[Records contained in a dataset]
- - - - -
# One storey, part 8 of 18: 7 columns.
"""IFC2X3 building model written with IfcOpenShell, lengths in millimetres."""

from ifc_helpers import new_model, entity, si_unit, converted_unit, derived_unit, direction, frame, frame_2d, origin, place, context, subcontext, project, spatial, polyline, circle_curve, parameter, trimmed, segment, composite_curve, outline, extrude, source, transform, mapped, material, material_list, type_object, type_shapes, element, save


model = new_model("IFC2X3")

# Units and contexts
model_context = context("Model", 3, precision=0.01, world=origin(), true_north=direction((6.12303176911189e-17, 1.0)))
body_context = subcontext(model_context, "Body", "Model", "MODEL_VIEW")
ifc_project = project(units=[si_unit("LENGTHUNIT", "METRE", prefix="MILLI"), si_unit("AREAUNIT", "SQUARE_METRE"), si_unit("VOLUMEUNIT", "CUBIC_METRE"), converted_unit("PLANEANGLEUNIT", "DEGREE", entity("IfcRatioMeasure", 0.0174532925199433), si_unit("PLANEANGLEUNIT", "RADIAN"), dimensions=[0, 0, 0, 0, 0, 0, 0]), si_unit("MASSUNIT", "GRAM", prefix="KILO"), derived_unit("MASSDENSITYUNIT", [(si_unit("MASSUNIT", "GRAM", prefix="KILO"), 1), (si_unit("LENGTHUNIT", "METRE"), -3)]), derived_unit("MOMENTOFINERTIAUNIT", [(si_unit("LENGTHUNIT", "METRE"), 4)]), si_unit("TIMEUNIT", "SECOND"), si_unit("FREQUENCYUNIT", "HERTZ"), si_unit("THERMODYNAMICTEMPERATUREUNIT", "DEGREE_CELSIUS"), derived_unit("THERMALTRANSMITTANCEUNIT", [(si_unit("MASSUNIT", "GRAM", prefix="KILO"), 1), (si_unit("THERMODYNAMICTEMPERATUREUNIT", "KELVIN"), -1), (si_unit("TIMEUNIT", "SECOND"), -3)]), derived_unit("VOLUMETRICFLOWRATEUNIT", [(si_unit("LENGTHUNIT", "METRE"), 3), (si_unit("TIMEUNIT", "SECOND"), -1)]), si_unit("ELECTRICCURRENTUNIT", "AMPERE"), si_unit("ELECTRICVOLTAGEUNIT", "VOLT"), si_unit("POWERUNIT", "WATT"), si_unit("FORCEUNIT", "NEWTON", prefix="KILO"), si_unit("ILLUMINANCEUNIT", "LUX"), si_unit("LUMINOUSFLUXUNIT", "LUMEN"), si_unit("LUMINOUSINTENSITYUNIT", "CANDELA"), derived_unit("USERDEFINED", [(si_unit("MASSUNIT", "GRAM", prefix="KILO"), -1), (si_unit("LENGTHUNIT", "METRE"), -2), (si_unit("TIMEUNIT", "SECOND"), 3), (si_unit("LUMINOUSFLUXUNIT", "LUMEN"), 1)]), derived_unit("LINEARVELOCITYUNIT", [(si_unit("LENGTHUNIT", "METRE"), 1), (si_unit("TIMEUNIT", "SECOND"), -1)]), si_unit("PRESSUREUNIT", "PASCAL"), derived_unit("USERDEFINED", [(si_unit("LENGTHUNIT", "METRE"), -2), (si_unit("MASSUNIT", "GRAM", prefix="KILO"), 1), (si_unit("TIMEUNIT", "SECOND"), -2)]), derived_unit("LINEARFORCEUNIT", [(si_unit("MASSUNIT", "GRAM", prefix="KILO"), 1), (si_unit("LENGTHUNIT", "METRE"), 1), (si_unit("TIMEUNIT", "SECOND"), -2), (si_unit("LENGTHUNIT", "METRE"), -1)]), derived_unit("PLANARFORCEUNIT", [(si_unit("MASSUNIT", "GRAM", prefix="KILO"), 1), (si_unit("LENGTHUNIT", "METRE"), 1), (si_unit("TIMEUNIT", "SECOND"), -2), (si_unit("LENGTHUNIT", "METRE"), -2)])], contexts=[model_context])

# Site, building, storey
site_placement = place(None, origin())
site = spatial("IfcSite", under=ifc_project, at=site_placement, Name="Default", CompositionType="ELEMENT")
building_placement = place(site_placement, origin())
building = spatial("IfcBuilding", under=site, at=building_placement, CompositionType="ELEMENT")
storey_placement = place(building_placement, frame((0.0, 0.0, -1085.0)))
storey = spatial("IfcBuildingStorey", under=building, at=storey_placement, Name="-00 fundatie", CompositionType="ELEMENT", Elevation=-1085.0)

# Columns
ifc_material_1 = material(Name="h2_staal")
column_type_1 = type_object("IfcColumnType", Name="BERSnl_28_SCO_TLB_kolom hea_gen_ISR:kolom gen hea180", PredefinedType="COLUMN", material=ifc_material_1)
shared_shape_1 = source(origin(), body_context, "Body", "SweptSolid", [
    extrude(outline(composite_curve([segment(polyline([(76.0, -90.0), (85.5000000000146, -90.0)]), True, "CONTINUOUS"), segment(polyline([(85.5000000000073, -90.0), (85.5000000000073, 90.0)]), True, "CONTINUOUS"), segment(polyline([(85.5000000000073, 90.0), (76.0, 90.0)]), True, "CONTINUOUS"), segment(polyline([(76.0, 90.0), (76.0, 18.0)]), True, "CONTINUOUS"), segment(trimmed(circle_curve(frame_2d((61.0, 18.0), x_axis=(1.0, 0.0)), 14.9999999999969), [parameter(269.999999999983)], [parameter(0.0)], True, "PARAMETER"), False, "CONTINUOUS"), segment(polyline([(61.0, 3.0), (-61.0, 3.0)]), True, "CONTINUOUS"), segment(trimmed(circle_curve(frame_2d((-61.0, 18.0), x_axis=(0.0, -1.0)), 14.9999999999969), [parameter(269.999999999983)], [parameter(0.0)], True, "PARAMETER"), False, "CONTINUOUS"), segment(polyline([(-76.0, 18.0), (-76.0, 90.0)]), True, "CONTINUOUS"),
- - - - -
[Activity] The records above must be written out again exactly.

[Output of the exercise]
# One storey, part 8 of 18: 7 columns.
"""IFC2X3 building model written with IfcOpenShell, lengths in millimetres."""

from ifc_helpers import new_model, entity, si_unit, converted_unit, derived_unit, direction, frame, frame_2d, origin, place, context, subcontext, project, spatial, polyline, circle_curve, parameter, trimmed, segment, composite_curve, outline, extrude, source, transform, mapped, material, material_list, type_object, type_shapes, element, save


model = new_model("IFC2X3")

# Units and contexts
model_context = context("Model", 3, precision=0.01, world=origin(), true_north=direction((6.12303176911189e-17, 1.0)))
body_context = subcontext(model_context, "Body", "Model", "MODEL_VIEW")
ifc_project = project(units=[si_unit("LENGTHUNIT", "METRE", prefix="MILLI"), si_unit("AREAUNIT", "SQUARE_METRE"), si_unit("VOLUMEUNIT", "CUBIC_METRE"), converted_unit("PLANEANGLEUNIT", "DEGREE", entity("IfcRatioMeasure", 0.0174532925199433), si_unit("PLANEANGLEUNIT", "RADIAN"), dimensions=[0, 0, 0, 0, 0, 0, 0]), si_unit("MASSUNIT", "GRAM", prefix="KILO"), derived_unit("MASSDENSITYUNIT", [(si_unit("MASSUNIT", "GRAM", prefix="KILO"), 1), (si_unit("LENGTHUNIT", "METRE"), -3)]), derived_unit("MOMENTOFINERTIAUNIT", [(si_unit("LENGTHUNIT", "METRE"), 4)]), si_unit("TIMEUNIT", "SECOND"), si_unit("FREQUENCYUNIT", "HERTZ"), si_unit("THERMODYNAMICTEMPERATUREUNIT", "DEGREE_CELSIUS"), derived_unit("THERMALTRANSMITTANCEUNIT", [(si_unit("MASSUNIT", "GRAM", prefix="KILO"), 1), (si_unit("THERMODYNAMICTEMPERATUREUNIT", "KELVIN"), -1), (si_unit("TIMEUNIT", "SECOND"), -3)]), derived_unit("VOLUMETRICFLOWRATEUNIT", [(si_unit("LENGTHUNIT", "METRE"), 3), (si_unit("TIMEUNIT", "SECOND"), -1)]), si_unit("ELECTRICCURRENTUNIT", "AMPERE"), si_unit("ELECTRICVOLTAGEUNIT", "VOLT"), si_unit("POWERUNIT", "WATT"), si_unit("FORCEUNIT", "NEWTON", prefix="KILO"), si_unit("ILLUMINANCEUNIT", "LUX"), si_unit("LUMINOUSFLUXUNIT", "LUMEN"), si_unit("LUMINOUSINTENSITYUNIT", "CANDELA"), derived_unit("USERDEFINED", [(si_unit("MASSUNIT", "GRAM", prefix="KILO"), -1), (si_unit("LENGTHUNIT", "METRE"), -2), (si_unit("TIMEUNIT", "SECOND"), 3), (si_unit("LUMINOUSFLUXUNIT", "LUMEN"), 1)]), derived_unit("LINEARVELOCITYUNIT", [(si_unit("LENGTHUNIT", "METRE"), 1), (si_unit("TIMEUNIT", "SECOND"), -1)]), si_unit("PRESSUREUNIT", "PASCAL"), derived_unit("USERDEFINED", [(si_unit("LENGTHUNIT", "METRE"), -2), (si_unit("MASSUNIT", "GRAM", prefix="KILO"), 1), (si_unit("TIMEUNIT", "SECOND"), -2)]), derived_unit("LINEARFORCEUNIT", [(si_unit("MASSUNIT", "GRAM", prefix="KILO"), 1), (si_unit("LENGTHUNIT", "METRE"), 1), (si_unit("TIMEUNIT", "SECOND"), -2), (si_unit("LENGTHUNIT", "METRE"), -1)]), derived_unit("PLANARFORCEUNIT", [(si_unit("MASSUNIT", "GRAM", prefix="KILO"), 1), (si_unit("LENGTHUNIT", "METRE"), 1), (si_unit("TIMEUNIT", "SECOND"), -2), (si_unit("LENGTHUNIT", "METRE"), -2)])], contexts=[model_context])

# Site, building, storey
site_placement = place(None, origin())
site = spatial("IfcSite", under=ifc_project, at=site_placement, Name="Default", CompositionType="ELEMENT")
building_placement = place(site_placement, origin())
building = spatial("IfcBuilding", under=site, at=building_placement, CompositionType="ELEMENT")
storey_placement = place(building_placement, frame((0.0, 0.0, -1085.0)))
storey = spatial("IfcBuildingStorey", under=building, at=storey_placement, Name="-00 fundatie", CompositionType="ELEMENT", Elevation=-1085.0)

# Columns
ifc_material_1 = material(Name="h2_staal")
column_type_1 = type_object("IfcColumnType", Name="BERSnl_28_SCO_TLB_kolom hea_gen_ISR:kolom gen hea180", PredefinedType="COLUMN", material=ifc_material_1)
shared_shape_1 = source(origin(), body_context, "Body", "SweptSolid", [
    extrude(outline(composite_curve([segment(polyline([(76.0, -90.0), (85.5000000000146, -90.0)]), True, "CONTINUOUS"), segment(polyline([(85.5000000000073, -90.0), (85.5000000000073, 90.0)]), True, "CONTINUOUS"), segment(polyline([(85.5000000000073, 90.0), (76.0, 90.0)]), True, "CONTINUOUS"), segment(polyline([(76.0, 90.0), (76.0, 18.0)]), True, "CONTINUOUS"), segment(trimmed(circle_curve(frame_2d((61.0, 18.0), x_axis=(1.0, 0.0)), 14.9999999999969), [parameter(269.999999999983)], [parameter(0.0)], True, "PARAMETER"), False, "CONTINUOUS"), segment(polyline([(61.0, 3.0), (-61.0, 3.0)]), True, "CONTINUOUS"), segment(trimmed(circle_curve(frame_2d((-61.0, 18.0), x_axis=(0.0, -1.0)), 14.9999999999969), [parameter(269.999999999983)], [parameter(0.0)], True, "PARAMETER"), False, "CONTINUOUS"), segment(polyline([(-76.0, 18.0), (-76.0, 90.0)]), True, "CONTINUOUS"),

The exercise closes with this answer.